Leaders such as Angela Merkel continue to insist Europe will not countenance any member of the euro leaving the single currency.
But with Greece's cash crisis worsening by the day, and no immediate prospect of Syriza satisfying the demands of its lenders, the prospect of a Grexit is looming over the continent once again.
So should Greece become the first country to be ejected from the monetary union, could the rest of the bloc handle the repercussions?
Here's a breakdown of how Europe might be hit by a Grexit.
A wave of banking panics
The prospect of a Grexit triggering a systemic banking crisis has been drastically reduced as Europe's lenders have managed cut their exposure to the recession-hit country over the last three years.
Standard & Poor's calculate Europe's banks have shrunk their direct exposure to Greece to around €42bn from the €175bn peak it reached in 2008.
In particular, non-Greek banks have dramatically reduced their lending to the country after it underwent the biggest private bond restructuring in history in 2012.
Foreign banks direct exposure to Greece
Britain, Germany and the US account for 80pc of the direct exposure to Greece's banks, but this still "represents a very small proportion of each country's total banking sector foreign direct exposures" say S&P.
Specifically, only 0.56pc of Germany's banking sector, 0.36pc of the UK's and 0.34pc for the US system would feel the effects of Greece leaving the euro.
Combined with the financial backstops the Eurozone has put in place since the height of its crisis, a wave of banking panics of the type last seen in 2007 is unlikely to hit Europe in the wake of a Grexit.
By European standards, Greece is a small, closed economy which would likely exert a small impact on trade with its main European partners, according to analysis from Oxford Economics.
Outside of Cyprus, only Macedonia and Malta sell more than 2pc of their total exports to the country.
In the event that Greece's imports plunged by more than 50pc after its euro exit (following a dramatic devaluation of the drachma) export demand in Europe's three biggest economies - France, Germany and Italy - would only drop by 0.3pc to 0.5pc, calculate Oxford Economics.
Correspondingly, GDP would only be hit by around 0.2pc-0.3pc in these economies.
Containing the contagion
But for all the calculable elements of a Grexit, the consequences of financial contagion remain highly uncertain.
A failure to renew Greece's bailout in June would "shatter the illusion that membership of the euro was irrevocable" forcing markets to charge a corresponding risk premium on assets denominated in the single currency, warn James Nixon and Ben May at Oxford Economics.

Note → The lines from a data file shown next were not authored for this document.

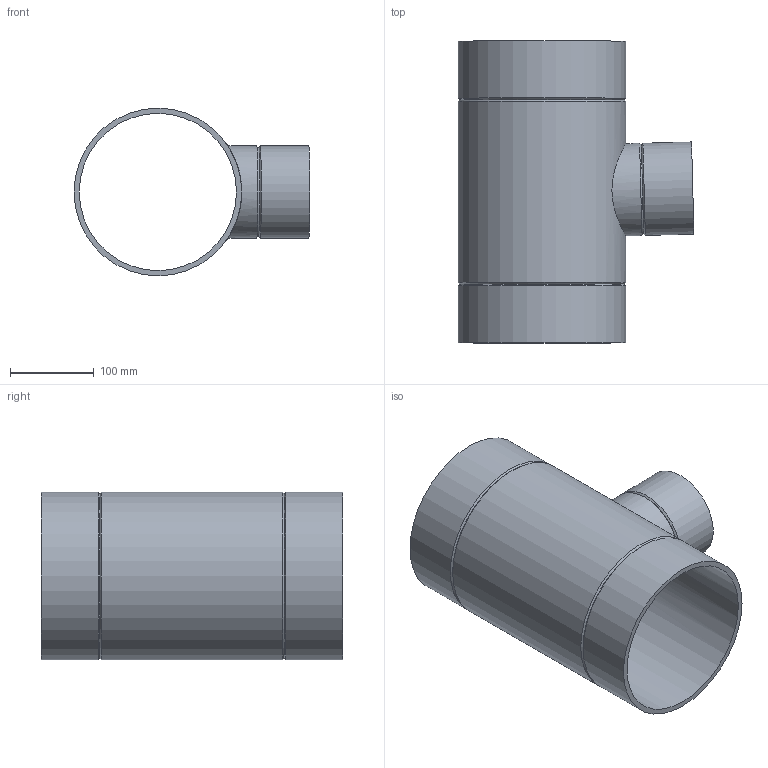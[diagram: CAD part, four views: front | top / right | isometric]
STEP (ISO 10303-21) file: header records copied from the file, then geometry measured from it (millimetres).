
FILE_DESCRIPTION(/* description */ (''),/* implementation_level */ '2;1');
FILE_NAME(/* name */ 'Z:\Geberit\Export\NewStep\370185.stp',/* time_stamp */ '2014-04-02T08:03:55+02:00',/* author */ ('nelson'),/* organization */ (''),/* preprocessor_version */ 'ST-DEVELOPER v15.2',/* originating_system */ 'Autodesk Inventor 2014',/* authorisation */ '');
FILE_SCHEMA (('AUTOMOTIVE_DESIGN { 1 0 10303 214 3 1 1 }'));
Length unit declared in the file: millimetre
Products named in the file (1): 370185
Bounding box: 281.38 x 360 x 200 mm (x, y, z)
Volume: 1424347.2 mm3; surface area: 491788.2 mm2
Topology: 1 solids, 1 shells, 16 faces, 37 edges, 23 vertices
Faces by surface type: cylinder 7, cone 6, plane 3
Full cylindrical faces by diameter (mm): 101.4 x1, 110 x2, 187.6 x1, 200 x3
Entity records: 503 total; most frequent: CARTESIAN_POINT 181, DIRECTION 64, EDGE_LOOP 34, ORIENTED_EDGE 34, AXIS2_PLACEMENT_3D 32, FACE_BOUND 22, VERTEX_POINT 17, EDGE_CURVE 17

Eurozone GDP would be 2.2pc below its current trajectory by 2016 in the event of full-blown market panic hitting the single currency.
Jitters would likely hit the remaining vulnerable members of the union the hardest.
In particular, highly indebted members would face the greatest squeeze as bond yields would start to climb back up to a higher, permanent "new normal" say analysts.
The threat of deposit flight from the banks could also escalate. This in turn would force lenders to rely on support from the European Central Bank and even resort to emergency funding as insolvency fears heightened. Eurozone authorities would then have to consider imposing capital controls as the only way to stem the losses.
With a government debt-to-GDP ratio of 133pc, the third largest economy in Europe could be in the direct firing line of market panic.
Italy's long-term funding costs could rise by 200 basis points, adding to its already burdensome debt stock, and inflating the budget deficit of more than 3.5pc, say Oxford Economics.
They also estimate that a combination of weak growth and anaemic inflation could see the country's debt mountain rise to eye-watering 145pc by 2024.
With Greece out of the Eurozone, the remaining struggling economies of southern Europe would likely face a choice of whether they should remain in the currency union.
Germany's Wolfgang Schaeuble - the Eurozone's disciplinarian - has called on all members to respect the rules of the union
With one member down the Eurozone could come to resemble a fixed-exchange rate system of the pre-Maastricht age, rather than a bona fide monetary union.
On the flipside, a Grexit could well force EMU's architects to move towards a more integrated union and finally end the "muddling through" approach that has characterised the last four years of crisis.